Mitsubishi ECU
Peter Wales
pjwales at magicnet.magicnet.net
Thu Mar 9 13:35:25 GMT 1995
The early Mitsubishi ECU used a Motorola 6803 processor base with some
extras in it which made it unobtainable. Typically of the Japanese, the
semiconductor sales people knew nothing about the mask programmed CPU, ask
the car people. The car people said we make cars not chips....go away.
A considerable amount of work allowed me to read the firmware and create a
pcb with an expansion port on it. This had the CPU, an EPROM and a port
expander chip connected to the CPU's multiplexed addrss/data lines. The
whole pcb plugged into a socket on the motherboard where the CPU used to be,
and the same pcb fitted the later Starion and the Colt cars available in
England in 1985 and on.
The fuelling on these cars is computed, not looked up from a table. This
made it very difficult to change because without knowing the full algorithm
changing one things altered others. My main concern was the removal of the
boost limit and this was less difficult. We ran the Colt cars at 15 PSI
boost without any problems (except massive torque steer) and as I remember
we got about 175 HP from the engine.
The way I would do it today would probably be with an FCD as it was too
expensive in engineering time to do it that way for the few sales we got. To
remove the boost limit, connect a 330ohm resistor in series with the boost
pressure sensor line, and a 4.3v zener to ground to clamp the input to a
maximum of about 4.5v. This will stop it cutting out, but when you get over
12 PSI boost the engine will start to lean out, so use your air fuel
moinitor. Ignition is controlled from a seperate unit.

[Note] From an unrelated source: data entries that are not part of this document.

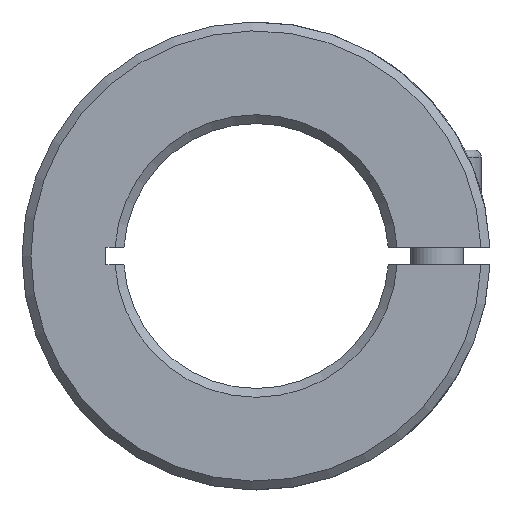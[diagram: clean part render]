
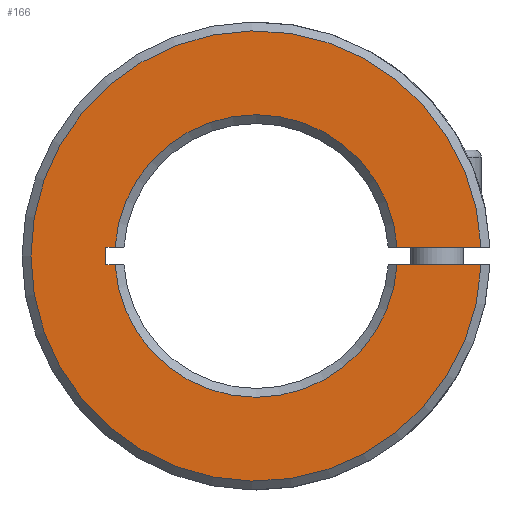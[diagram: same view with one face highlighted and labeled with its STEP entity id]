
A CAD part, front view. The second image highlights one B-rep face of the part: STEP entity #166.
In plain terms, the highlighted planar face has unit normal (0, -1, 0).
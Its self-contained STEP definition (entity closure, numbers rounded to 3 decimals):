
#166 = ADVANCED_FACE( '', ( #347 ), #348, .F. );
#347 = FACE_OUTER_BOUND( '', #595, .T. );
#348 = PLANE( '', #596 );
#595 = EDGE_LOOP( '', ( #852, #853, #854, #855, #856, #857, #858, #859 ) );
#596 = AXIS2_PLACEMENT_3D( '', #860, #861, #862 );
#852 = ORIENTED_EDGE( '', *, *, #1359, .F. );
#853 = ORIENTED_EDGE( '', *, *, #1360, .T. );
#854 = ORIENTED_EDGE( '', *, *, #1361, .F. );
#855 = ORIENTED_EDGE( '', *, *, #1362, .F. );
#856 = ORIENTED_EDGE( '', *, *, #1363, .T. );
#857 = ORIENTED_EDGE( '', *, *, #1364, .T. );
#858 = ORIENTED_EDGE( '', *, *, #1365, .T. );
#859 = ORIENTED_EDGE( '', *, *, #1366, .T. );
#860 = CARTESIAN_POINT( '', ( 0., -83., 0. ) );
#861 = DIRECTION( '', ( 0., 1., 0. ) );
#862 = DIRECTION( '', ( 0., 0., 1. ) );
#1359 = EDGE_CURVE( '', #1572, #1573, #1574, .T. );
#1360 = EDGE_CURVE( '', #1572, #1575, #1576, .T. );
#1361 = EDGE_CURVE( '', #1577, #1575, #1578, .T. );
#1362 = EDGE_CURVE( '', #1579, #1577, #1580, .T. );
#1363 = EDGE_CURVE( '', #1579, #1581, #1582, .T. );
#1364 = EDGE_CURVE( '', #1581, #1583, #1584, .T. );
#1365 = EDGE_CURVE( '', #1583, #1585, #1586, .T. );
#1366 = EDGE_CURVE( '', #1585, #1573, #1587, .F. );
#1572 = VERTEX_POINT( '', #1865 );
#1573 = VERTEX_POINT( '', #1866 );
#1574 = LINE( '', #1867, #1868 );
#1575 = VERTEX_POINT( '', #1869 );
#1576 = CIRCLE( '', #1870, 16. );
#1577 = VERTEX_POINT( '', #1871 );
#1578 = LINE( '', #1872, #1873 );
#1579 = VERTEX_POINT( '', #1874 );
#1580 = LINE( '', #1875, #1876 );
#1581 = VERTEX_POINT( '', #1877 );
#1582 = LINE( '', #1878, #1879 );
#1583 = VERTEX_POINT( '', #1880 );
#1584 = CIRCLE( '', #1881, 16. );
#1585 = VERTEX_POINT( '', #1882 );
#1586 = LINE( '', #1883, #1884 );
#1587 = CIRCLE( '', #1885, 25.5 );
#1865 = CARTESIAN_POINT( '', ( 15.969, -83., -1. ) );
#1866 = CARTESIAN_POINT( '', ( 25.48, -83., -1. ) );
#1867 = CARTESIAN_POINT( '', ( 0., -83., -1. ) );
#1868 = VECTOR( '', #2832, 1000. );
#1869 = CARTESIAN_POINT( '', ( -15.969, -83., -1. ) );
#1870 = AXIS2_PLACEMENT_3D( '', #2833, #2834, #2835 );
#1871 = CARTESIAN_POINT( '', ( -17., -83., -1. ) );
#1872 = CARTESIAN_POINT( '', ( 0., -83., -1. ) );
#1873 = VECTOR( '', #2836, 1000. );
#1874 = CARTESIAN_POINT( '', ( -17., -83., 1. ) );
#1875 = CARTESIAN_POINT( '', ( -17., -83., 0. ) );
#1876 = VECTOR( '', #2837, 1000. );
#1877 = CARTESIAN_POINT( '', ( -15.969, -83., 1. ) );
#1878 = CARTESIAN_POINT( '', ( 0., -83., 1. ) );
#1879 = VECTOR( '', #2838, 1000. );
#1880 = CARTESIAN_POINT( '', ( 15.969, -83., 1. ) );
#1881 = AXIS2_PLACEMENT_3D( '', #2839, #2840, #2841 );
#1882 = CARTESIAN_POINT( '', ( 25.48, -83., 1. ) );
#1883 = CARTESIAN_POINT( '', ( 0., -83., 1. ) );
#1884 = VECTOR( '', #2842, 1000. );
#1885 = AXIS2_PLACEMENT_3D( '', #2843, #2844, #2845 );
#2832 = DIRECTION( '', ( 1., 0., 0. ) );
#2833 = CARTESIAN_POINT( '', ( 0., -83., 0. ) );
#2834 = DIRECTION( '', ( 0., 1., 0. ) );
#2835 = DIRECTION( '', ( 0., 0., 1. ) );
#2836 = DIRECTION( '', ( 1., 0., 0. ) );
#2837 = DIRECTION( '', ( 0., 0., -1. ) );
#2838 = DIRECTION( '', ( 1., 0., 0. ) );
#2839 = CARTESIAN_POINT( '', ( 0., -83., 0. ) );
#2840 = DIRECTION( '', ( 0., 1., 0. ) );
#2841 = DIRECTION( '', ( 0., 0., 1. ) );
#2842 = DIRECTION( '', ( 1., 0., 0. ) );
#2843 = CARTESIAN_POINT( '', ( 0., -83., 0. ) );
#2844 = DIRECTION( '', ( 0., 1., 0. ) );
#2845 = DIRECTION( '', ( 0., 0., 1. ) );
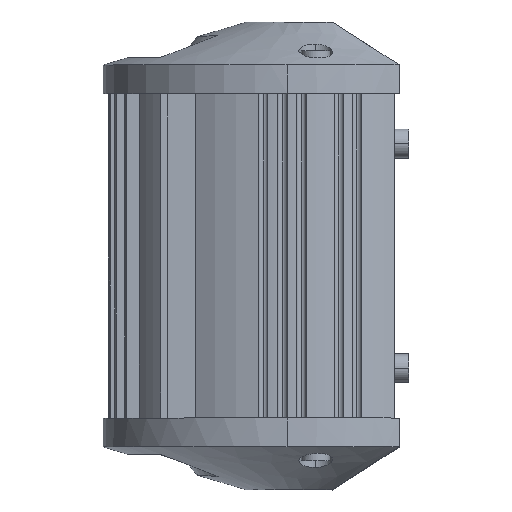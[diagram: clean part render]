
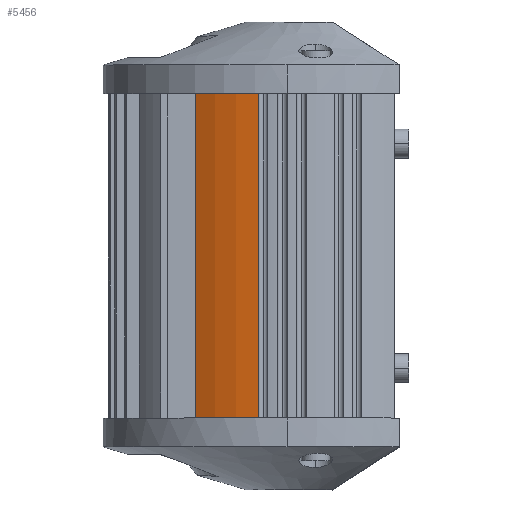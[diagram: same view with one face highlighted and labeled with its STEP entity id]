
A CAD part, top view. The second image highlights one B-rep face of the part: STEP entity #5456.
In plain terms, the highlighted cylindrical face has radius 37.5 mm (diameter 75 mm), a partial arc.
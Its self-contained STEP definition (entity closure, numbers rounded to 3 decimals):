
#56 = DIRECTION ( 'NONE',  ( 0., -1., 0. ) ) ;
#955 = AXIS2_PLACEMENT_3D ( 'NONE', #7351, #12670, #11409 ) ;
#1149 = CARTESIAN_POINT ( 'NONE',  ( 0., -34., 0. ) ) ;
#2275 = EDGE_CURVE ( 'NONE', #6028, #11993, #11182, .T. ) ;
#2630 = VECTOR ( 'NONE', #56, 1000. ) ;
#3257 = CARTESIAN_POINT ( 'NONE',  ( 0., 40., 0. ) ) ;
#3427 = VERTEX_POINT ( 'NONE', #16550 ) ;
#4095 = CARTESIAN_POINT ( 'NONE',  ( -5.976, 40., 37.021 ) ) ;
#4192 = CARTESIAN_POINT ( 'NONE',  ( -19.28, 40., 32.164 ) ) ;
#4599 = ORIENTED_EDGE ( 'NONE', *, *, #10039, .F. ) ;
#4627 = FACE_OUTER_BOUND ( 'NONE', #7822, .T. ) ;
#4686 = ORIENTED_EDGE ( 'NONE', *, *, #2275, .T. ) ;
#5105 = CARTESIAN_POINT ( 'NONE',  ( -19.28, 34., 32.164 ) ) ;
#5456 = ADVANCED_FACE ( 'NONE', ( #4627 ), #12502, .T. ) ;
#6028 = VERTEX_POINT ( 'NONE', #5105 ) ;
#7351 = CARTESIAN_POINT ( 'NONE',  ( 0., 34., 0. ) ) ;
#7822 = EDGE_LOOP ( 'NONE', ( #9300, #4599, #8802, #4686 ) ) ;
#8567 = CARTESIAN_POINT ( 'NONE',  ( -19.28, -34., 32.164 ) ) ;
#8802 = ORIENTED_EDGE ( 'NONE', *, *, #9026, .F. ) ;
#8813 = DIRECTION ( 'NONE',  ( 0., -1., 0. ) ) ;
#8983 = AXIS2_PLACEMENT_3D ( 'NONE', #3257, #8813, #11484 ) ;
#9026 = EDGE_CURVE ( 'NONE', #6028, #3427, #14171, .T. ) ;
#9055 = CARTESIAN_POINT ( 'NONE',  ( -5.976, -34., 37.021 ) ) ;
#9300 = ORIENTED_EDGE ( 'NONE', *, *, #14659, .T. ) ;
#10039 = EDGE_CURVE ( 'NONE', #3427, #15194, #10731, .T. ) ;
#10331 = AXIS2_PLACEMENT_3D ( 'NONE', #1149, #16174, #16234 ) ;
#10731 = LINE ( 'NONE', #4095, #2630 ) ;
#11182 = LINE ( 'NONE', #4192, #15378 ) ;
#11409 = DIRECTION ( 'NONE',  ( 0., 0., 1. ) ) ;
#11484 = DIRECTION ( 'NONE',  ( 0., 0., -1. ) ) ;
#11993 = VERTEX_POINT ( 'NONE', #8567 ) ;
#12342 = DIRECTION ( 'NONE',  ( 0., -1., 0. ) ) ;
#12502 = CYLINDRICAL_SURFACE ( 'NONE', #8983, 37.5 ) ;
#12670 = DIRECTION ( 'NONE',  ( 0., 1., 0. ) ) ;
#14171 = CIRCLE ( 'NONE', #955, 37.5 ) ;
#14659 = EDGE_CURVE ( 'NONE', #11993, #15194, #15039, .T. ) ;
#15039 = CIRCLE ( 'NONE', #10331, 37.5 ) ;
#15194 = VERTEX_POINT ( 'NONE', #9055 ) ;
#15378 = VECTOR ( 'NONE', #12342, 1000. ) ;
#16174 = DIRECTION ( 'NONE',  ( 0., 1., 0. ) ) ;
#16234 = DIRECTION ( 'NONE',  ( 0., 0., 1. ) ) ;
#16550 = CARTESIAN_POINT ( 'NONE',  ( -5.976, 34., 37.021 ) ) ;
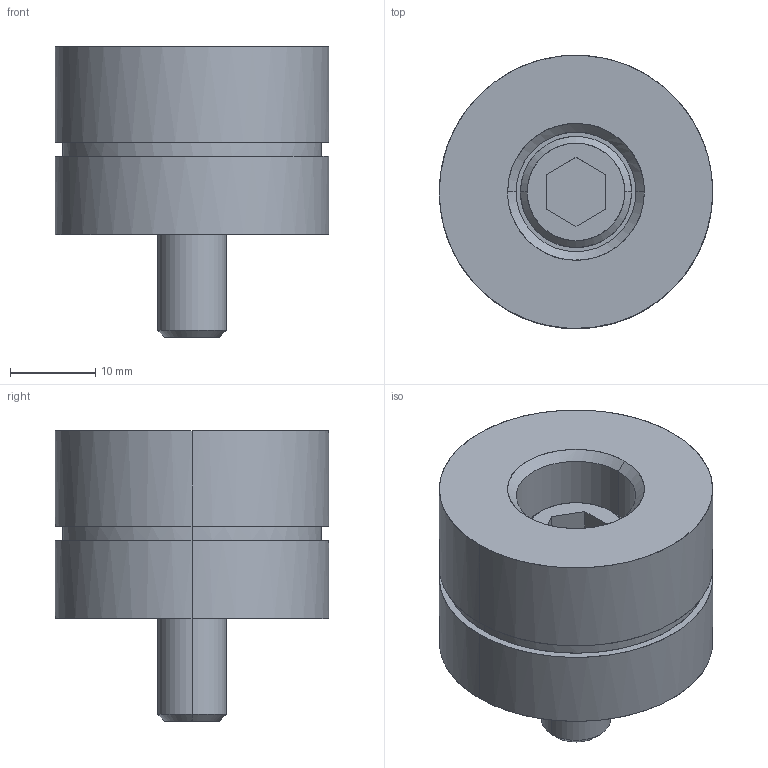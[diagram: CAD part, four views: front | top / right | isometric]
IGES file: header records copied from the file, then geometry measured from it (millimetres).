
Global section: file name: E:\UnigraphicsGraphicData\MISUMI_PRESS-PARTS\IGES\3d_sbn32-22-n_00581_r00.igs; native system: NX V5.0; preprocessor: UGS NX IGES V5.0; author: MISUMI; date: 20110105.162427; units: millimetre
Bounding box: 32 x 32 x 34 mm (x, y, z)
Surface area: 5827.7 mm2 (no closed solid volume)
Topology: 0 solids, 0 shells, 35 faces, 276 edges, 276 vertices
Faces by surface type: bspline 35
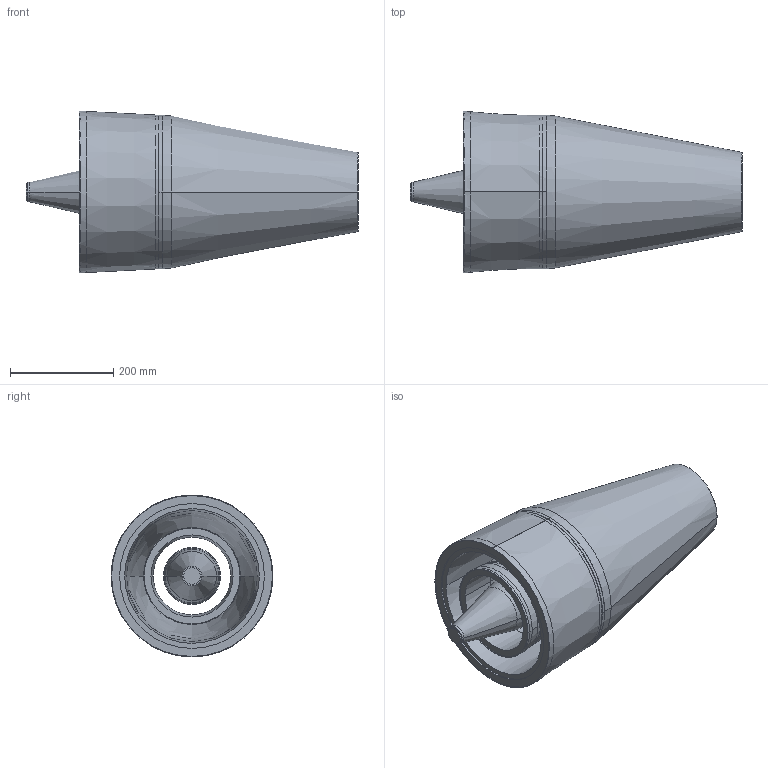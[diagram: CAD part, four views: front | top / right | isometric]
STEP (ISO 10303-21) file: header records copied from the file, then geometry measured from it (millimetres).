
FILE_DESCRIPTION (( 'STEP AP214' ), '1' );
FILE_NAME ('122Am0pIntV1.STEP', '2020-09-16T14:24:30', ( '' ), ( '' ), 'SwSTEP 2.0', 'SolidWorks 2019', '' );
FILE_SCHEMA (( 'AUTOMOTIVE_DESIGN' ));
Length unit declared in the file: inch
Products named in the file (1): 122Am0pIntV1
Bounding box: 644.01 x 314 x 314 mm (x, y, z)
Volume: 6327644.6 mm3; surface area: 1514289.4 mm2
Topology: 6 solids, 6 shells, 99 faces, 194 edges, 117 vertices
Faces by surface type: cylinder 32, cone 22, plane 21, bspline 14, torus 8, sphere 2
Entity records: 4164 total; most frequent: CARTESIAN_POINT 703, DIRECTION 478, ORIENTED_EDGE 388, AXIS2_PLACEMENT_3D 212, EDGE_CURVE 194, CIRCLE 126, EDGE_LOOP 117, VERTEX_POINT 117
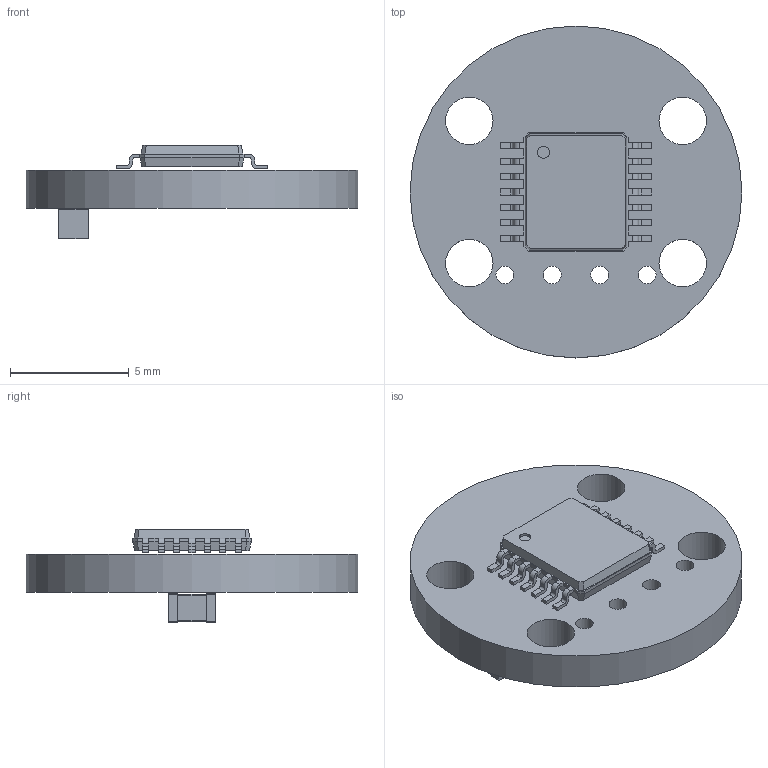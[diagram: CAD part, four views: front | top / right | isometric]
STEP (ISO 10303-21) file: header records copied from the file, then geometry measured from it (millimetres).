
FILE_DESCRIPTION(('KiCad electronic assembly'),'2;1');
FILE_NAME('A1335_Encodeur.step','2023-12-04T13:01:44',('Pcbnew'),( 'Kicad'),'Open CASCADE STEP processor 7.7','KiCad to STEP converter' ,'Unknown');
FILE_SCHEMA(('AUTOMOTIVE_DESIGN { 1 0 10303 214 1 1 1 1 }'));
Length unit declared in the file: millimetre
Products named in the file (6): A1335_Encodeur 1; TSSOP-14_4.4x5mm_P0.65mm; SOLID; C_0805_2012Metric; A1335_Encodeur PCB
Assembly tree (5 placements, depth 3):
  A1335_Encodeur 1
    TSSOP-14_4.4x5mm_P0.65mm
      SOLID
    C_0805_2012Metric
      SOLID
    A1335_Encodeur PCB
Bounding box: 14 x 14 x 3.95 mm (x, y, z)
Volume: 245.8 mm3; surface area: 490.7 mm2
Topology: 3 solids, 3 shells, 285 faces, 748 edges, 472 vertices
Faces by surface type: plane 169, cylinder 78, bspline 38
Full cylindrical faces by diameter (mm): 0.5 x1, 0.75 x4, 2 x4, 14 x1
Entity records: 20526 total; most frequent: CARTESIAN_POINT 3643, DIRECTION 2724, LINE 1818, VECTOR 1818, ORIENTED_EDGE 1496, PCURVE 1496, DEFINITIONAL_REPRESENTATION 1496, EDGE_CURVE 748
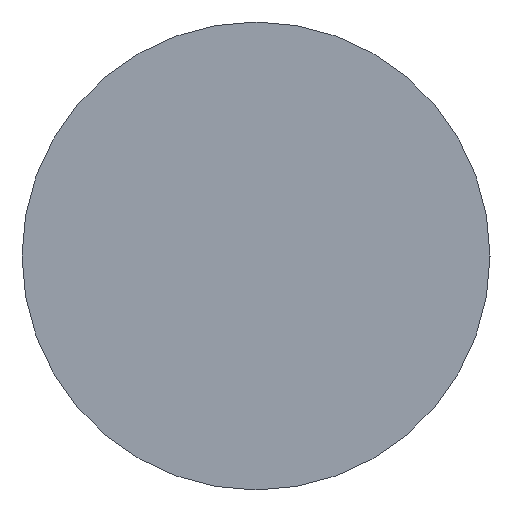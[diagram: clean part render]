
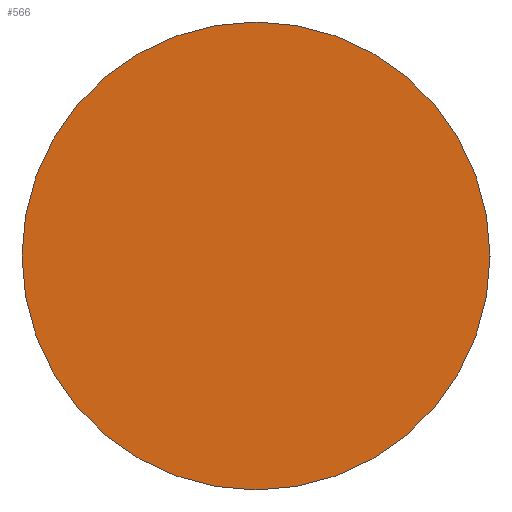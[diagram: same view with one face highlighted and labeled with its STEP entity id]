
A CAD part, left-side view. The second image highlights one B-rep face of the part: STEP entity #566.
In plain terms, the highlighted planar face has unit normal (-1, 0, 0).
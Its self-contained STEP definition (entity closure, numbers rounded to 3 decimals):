
#16=PLANE('',#649);
#90=FACE_OUTER_BOUND('',#118,.T.);
#118=EDGE_LOOP('',(#448,#449));
#168=CIRCLE('',#650,2.75);
#169=CIRCLE('',#651,2.75);
#237=VERTEX_POINT('',#1014);
#238=VERTEX_POINT('',#1015);
#315=EDGE_CURVE('',#237,#238,#168,.T.);
#316=EDGE_CURVE('',#238,#237,#169,.T.);
#448=ORIENTED_EDGE('',*,*,#315,.F.);
#449=ORIENTED_EDGE('',*,*,#316,.F.);
#566=ADVANCED_FACE('',(#90),#16,.T.);
#649=AXIS2_PLACEMENT_3D('',#1013,#808,#809);
#650=AXIS2_PLACEMENT_3D('',#1016,#810,#811);
#651=AXIS2_PLACEMENT_3D('',#1017,#812,#813);
#808=DIRECTION('center_axis',(-1.,0.,0.));
#809=DIRECTION('ref_axis',(0.,0.,1.));
#810=DIRECTION('center_axis',(1.,0.,0.));
#811=DIRECTION('ref_axis',(0.,0.,-1.));
#812=DIRECTION('center_axis',(1.,0.,0.));
#813=DIRECTION('ref_axis',(0.,0.,-1.));
#1013=CARTESIAN_POINT('Origin',(0.,2.75,0.));
#1014=CARTESIAN_POINT('',(0.,2.75,0.));
#1015=CARTESIAN_POINT('',(0.,-2.75,0.));
#1016=CARTESIAN_POINT('Origin',(0.,0.,0.));
#1017=CARTESIAN_POINT('Origin',(0.,0.,0.));
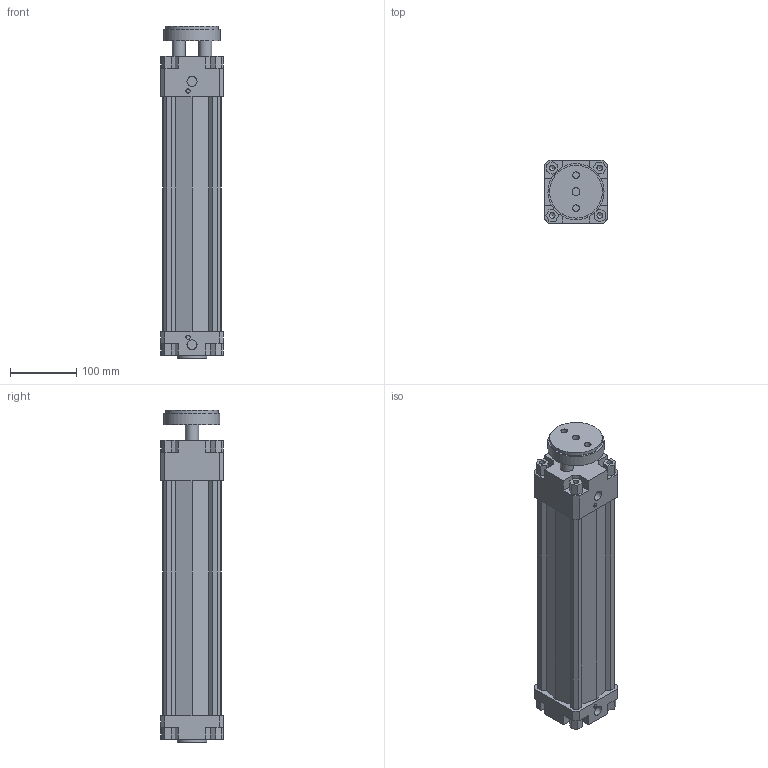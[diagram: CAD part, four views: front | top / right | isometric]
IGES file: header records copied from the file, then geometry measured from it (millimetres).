
Global section: file name: 134#_080_0300_01; native system: Autodesk Inventor 2014; preprocessor: unknown; author: A. Manieri; date: 20161006.165219; units: millimetre
Bounding box: 95 x 95 x 503 mm (x, y, z)
Volume: 2065354.8 mm3; surface area: 397556.1 mm2
Topology: 2 solids, 2 shells, 180 faces, 491 edges, 335 vertices
Faces by surface type: bspline 180

I probably still have one or two of the pcbs lying around in England and you
may have one if you want one. If I don't have any and have to get them made,
I will sell them to you at my cost. Alternatively, I may even have the
original artwork and you can make your own. You can also have the software
as well.
Hooking a laptop upto this computer will be very difficult as you would have
to make an interface to convert all of the input signals to a digital format
and write the sofware to display them.
Let me know if you want any more info.